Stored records
+-------+
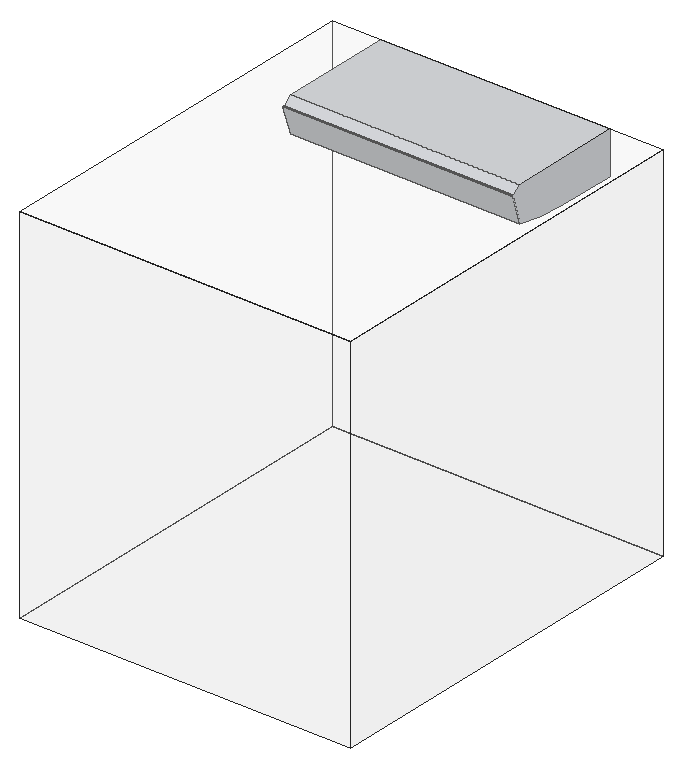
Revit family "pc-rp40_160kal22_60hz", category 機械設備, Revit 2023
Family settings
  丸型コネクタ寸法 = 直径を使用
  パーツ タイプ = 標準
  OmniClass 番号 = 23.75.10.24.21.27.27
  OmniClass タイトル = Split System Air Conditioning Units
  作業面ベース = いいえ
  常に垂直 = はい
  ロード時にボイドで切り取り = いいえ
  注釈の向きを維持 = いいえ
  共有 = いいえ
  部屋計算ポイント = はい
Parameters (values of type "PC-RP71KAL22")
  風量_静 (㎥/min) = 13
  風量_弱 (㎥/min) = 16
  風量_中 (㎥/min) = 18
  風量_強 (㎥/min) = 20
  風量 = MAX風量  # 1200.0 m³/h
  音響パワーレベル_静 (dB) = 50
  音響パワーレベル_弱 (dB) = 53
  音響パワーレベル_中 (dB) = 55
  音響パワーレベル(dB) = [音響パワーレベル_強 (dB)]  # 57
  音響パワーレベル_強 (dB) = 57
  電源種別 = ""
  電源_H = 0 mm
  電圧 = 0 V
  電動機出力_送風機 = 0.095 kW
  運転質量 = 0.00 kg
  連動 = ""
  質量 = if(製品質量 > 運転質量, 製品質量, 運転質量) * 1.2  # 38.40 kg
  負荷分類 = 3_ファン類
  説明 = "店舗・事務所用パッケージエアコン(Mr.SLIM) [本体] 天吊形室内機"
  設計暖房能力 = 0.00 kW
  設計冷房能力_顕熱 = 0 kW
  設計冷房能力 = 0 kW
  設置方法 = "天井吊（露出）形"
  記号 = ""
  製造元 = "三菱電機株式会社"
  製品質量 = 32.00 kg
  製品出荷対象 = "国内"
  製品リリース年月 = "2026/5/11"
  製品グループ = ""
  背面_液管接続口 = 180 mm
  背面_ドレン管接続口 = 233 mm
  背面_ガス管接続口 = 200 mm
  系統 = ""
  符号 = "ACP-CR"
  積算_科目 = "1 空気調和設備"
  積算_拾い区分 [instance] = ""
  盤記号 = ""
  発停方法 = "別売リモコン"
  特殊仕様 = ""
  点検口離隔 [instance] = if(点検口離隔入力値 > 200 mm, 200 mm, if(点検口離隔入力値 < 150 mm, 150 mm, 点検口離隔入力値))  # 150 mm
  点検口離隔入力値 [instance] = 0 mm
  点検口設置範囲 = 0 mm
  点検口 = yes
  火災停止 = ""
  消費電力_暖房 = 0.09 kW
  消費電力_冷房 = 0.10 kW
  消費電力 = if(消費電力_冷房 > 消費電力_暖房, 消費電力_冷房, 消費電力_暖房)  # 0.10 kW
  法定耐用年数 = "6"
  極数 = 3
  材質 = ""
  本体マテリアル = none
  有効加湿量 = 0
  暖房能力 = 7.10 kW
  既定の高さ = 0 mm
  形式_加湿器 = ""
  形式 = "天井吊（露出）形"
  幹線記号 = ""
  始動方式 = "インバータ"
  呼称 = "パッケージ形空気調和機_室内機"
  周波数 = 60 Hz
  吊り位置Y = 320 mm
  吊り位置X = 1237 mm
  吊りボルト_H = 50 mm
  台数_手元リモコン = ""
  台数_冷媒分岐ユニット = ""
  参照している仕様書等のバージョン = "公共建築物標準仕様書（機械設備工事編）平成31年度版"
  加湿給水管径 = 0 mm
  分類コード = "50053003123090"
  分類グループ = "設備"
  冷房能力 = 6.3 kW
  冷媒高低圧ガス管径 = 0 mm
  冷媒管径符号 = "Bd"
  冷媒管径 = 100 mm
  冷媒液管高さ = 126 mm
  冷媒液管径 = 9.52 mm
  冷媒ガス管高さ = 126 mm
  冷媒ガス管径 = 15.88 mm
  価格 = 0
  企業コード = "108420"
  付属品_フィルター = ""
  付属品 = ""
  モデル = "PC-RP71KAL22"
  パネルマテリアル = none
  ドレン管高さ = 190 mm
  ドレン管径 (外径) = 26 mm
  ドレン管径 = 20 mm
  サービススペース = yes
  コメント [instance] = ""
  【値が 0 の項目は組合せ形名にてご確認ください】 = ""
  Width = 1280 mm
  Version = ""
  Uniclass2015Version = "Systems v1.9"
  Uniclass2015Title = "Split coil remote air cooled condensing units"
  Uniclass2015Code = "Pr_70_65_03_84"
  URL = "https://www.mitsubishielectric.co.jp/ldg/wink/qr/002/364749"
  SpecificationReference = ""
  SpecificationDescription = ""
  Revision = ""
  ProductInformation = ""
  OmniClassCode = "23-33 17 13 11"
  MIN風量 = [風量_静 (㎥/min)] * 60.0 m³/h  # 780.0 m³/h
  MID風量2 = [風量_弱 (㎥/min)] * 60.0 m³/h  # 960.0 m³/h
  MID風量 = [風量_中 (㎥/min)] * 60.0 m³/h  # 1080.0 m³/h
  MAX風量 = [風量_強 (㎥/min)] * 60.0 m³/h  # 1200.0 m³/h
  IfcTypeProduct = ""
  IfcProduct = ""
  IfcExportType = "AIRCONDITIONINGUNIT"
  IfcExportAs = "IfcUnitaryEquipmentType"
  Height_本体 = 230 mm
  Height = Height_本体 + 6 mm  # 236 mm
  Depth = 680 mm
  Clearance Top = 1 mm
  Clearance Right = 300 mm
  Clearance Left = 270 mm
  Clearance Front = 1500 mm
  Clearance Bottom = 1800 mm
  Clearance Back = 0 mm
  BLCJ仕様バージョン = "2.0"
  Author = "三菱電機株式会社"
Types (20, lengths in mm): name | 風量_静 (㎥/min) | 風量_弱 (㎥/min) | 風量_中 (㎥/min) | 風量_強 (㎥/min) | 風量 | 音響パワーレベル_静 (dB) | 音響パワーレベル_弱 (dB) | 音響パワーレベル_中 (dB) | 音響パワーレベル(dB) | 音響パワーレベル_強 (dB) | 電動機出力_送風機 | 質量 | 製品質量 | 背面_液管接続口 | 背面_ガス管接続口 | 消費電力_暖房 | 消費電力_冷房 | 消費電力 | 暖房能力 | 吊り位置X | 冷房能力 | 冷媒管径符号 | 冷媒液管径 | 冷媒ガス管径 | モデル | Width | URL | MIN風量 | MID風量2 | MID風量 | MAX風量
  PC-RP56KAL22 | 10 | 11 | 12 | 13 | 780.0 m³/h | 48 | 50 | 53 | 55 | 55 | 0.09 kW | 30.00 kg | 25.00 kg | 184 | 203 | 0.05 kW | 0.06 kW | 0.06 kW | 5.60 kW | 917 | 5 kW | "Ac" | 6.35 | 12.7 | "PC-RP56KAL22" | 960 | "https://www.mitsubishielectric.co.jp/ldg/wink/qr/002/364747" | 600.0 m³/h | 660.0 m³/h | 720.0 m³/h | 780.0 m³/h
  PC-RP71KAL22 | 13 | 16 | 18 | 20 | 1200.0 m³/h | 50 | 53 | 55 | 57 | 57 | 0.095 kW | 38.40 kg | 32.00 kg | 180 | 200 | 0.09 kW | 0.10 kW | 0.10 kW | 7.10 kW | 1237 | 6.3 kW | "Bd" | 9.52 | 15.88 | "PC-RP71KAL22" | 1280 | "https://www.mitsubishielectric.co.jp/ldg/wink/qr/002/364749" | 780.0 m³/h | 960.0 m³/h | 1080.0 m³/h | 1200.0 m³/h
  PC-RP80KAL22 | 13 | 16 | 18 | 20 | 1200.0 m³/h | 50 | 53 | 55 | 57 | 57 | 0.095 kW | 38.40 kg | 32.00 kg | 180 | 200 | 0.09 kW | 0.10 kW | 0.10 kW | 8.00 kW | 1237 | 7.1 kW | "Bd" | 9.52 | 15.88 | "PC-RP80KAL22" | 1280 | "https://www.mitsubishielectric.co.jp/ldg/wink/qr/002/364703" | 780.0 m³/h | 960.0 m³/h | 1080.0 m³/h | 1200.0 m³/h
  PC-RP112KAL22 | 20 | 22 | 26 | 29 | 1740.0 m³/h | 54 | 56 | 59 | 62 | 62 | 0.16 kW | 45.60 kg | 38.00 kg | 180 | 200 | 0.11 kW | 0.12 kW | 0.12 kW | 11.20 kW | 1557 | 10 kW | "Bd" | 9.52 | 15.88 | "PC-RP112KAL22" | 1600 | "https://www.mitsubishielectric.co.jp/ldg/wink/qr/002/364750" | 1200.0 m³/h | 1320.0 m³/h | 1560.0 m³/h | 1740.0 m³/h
+-------+
Problem
Taking the line with "Types (20, lengths" as the first and the line with "PC-RP71KAL22 | 13" as the last, retype that stretch of the data above exactly, with no other lines.

Answer
Types (20, lengths in mm): name | 風量_静 (㎥/min) | 風量_弱 (㎥/min) | 風量_中 (㎥/min) | 風量_強 (㎥/min) | 風量 | 音響パワーレベル_静 (dB) | 音響パワーレベル_弱 (dB) | 音響パワーレベル_中 (dB) | 音響パワーレベル(dB) | 音響パワーレベル_強 (dB) | 電動機出力_送風機 | 質量 | 製品質量 | 背面_液管接続口 | 背面_ガス管接続口 | 消費電力_暖房 | 消費電力_冷房 | 消費電力 | 暖房能力 | 吊り位置X | 冷房能力 | 冷媒管径符号 | 冷媒液管径 | 冷媒ガス管径 | モデル | Width | URL | MIN風量 | MID風量2 | MID風量 | MAX風量
  PC-RP56KAL22 | 10 | 11 | 12 | 13 | 780.0 m³/h | 48 | 50 | 53 | 55 | 55 | 0.09 kW | 30.00 kg | 25.00 kg | 184 | 203 | 0.05 kW | 0.06 kW | 0.06 kW | 5.60 kW | 917 | 5 kW | "Ac" | 6.35 | 12.7 | "PC-RP56KAL22" | 960 | "https://www.mitsubishielectric.co.jp/ldg/wink/qr/002/364747" | 600.0 m³/h | 660.0 m³/h | 720.0 m³/h | 780.0 m³/h
  PC-RP71KAL22 | 13 | 16 | 18 | 20 | 1200.0 m³/h | 50 | 53 | 55 | 57 | 57 | 0.095 kW | 38.40 kg | 32.00 kg | 180 | 200 | 0.09 kW | 0.10 kW | 0.10 kW | 7.10 kW | 1237 | 6.3 kW | "Bd" | 9.52 | 15.88 | "PC-RP71KAL22" | 1280 | "https://www.mitsubishielectric.co.jp/ldg/wink/qr/002/364749" | 780.0 m³/h | 960.0 m³/h | 1080.0 m³/h | 1200.0 m³/h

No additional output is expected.